What to do >> Could you please reproduce every record below exactly, leaving out the pictures?

:: Provided records

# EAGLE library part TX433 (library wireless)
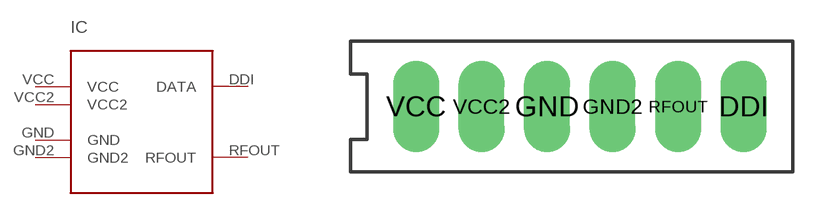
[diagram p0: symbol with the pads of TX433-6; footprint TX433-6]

Designator prefix IC

## TX433  [TX433-6]
DDI  DATA  in
GND  GND  pwr
GND2  GND2  pwr
RFOUT  RFOUT  out
VCC  VCC  pwr
VCC2  VCC2  pwr

## Footprint TX433-6 (pad centres in mm)
drill 1.016 pad 1.778 long: DDI 12.7,0; GND 5.08,0; GND2 7.62,0; RFOUT 10.16,0; VCC 0,0; VCC2 2.54,0

::::

Solution to the exercise >>
# EAGLE library part TX433 (library wireless)
[diagram p0: symbol with the pads of TX433-6; footprint TX433-6]

Designator prefix IC

## TX433  [TX433-6]
DDI  DATA  in
GND  GND  pwr
GND2  GND2  pwr
RFOUT  RFOUT  out
VCC  VCC  pwr
VCC2  VCC2  pwr

## Footprint TX433-6 (pad centres in mm)
drill 1.016 pad 1.778 long: DDI 12.7,0; GND 5.08,0; GND2 7.62,0; RFOUT 10.16,0; VCC 0,0; VCC2 2.54,0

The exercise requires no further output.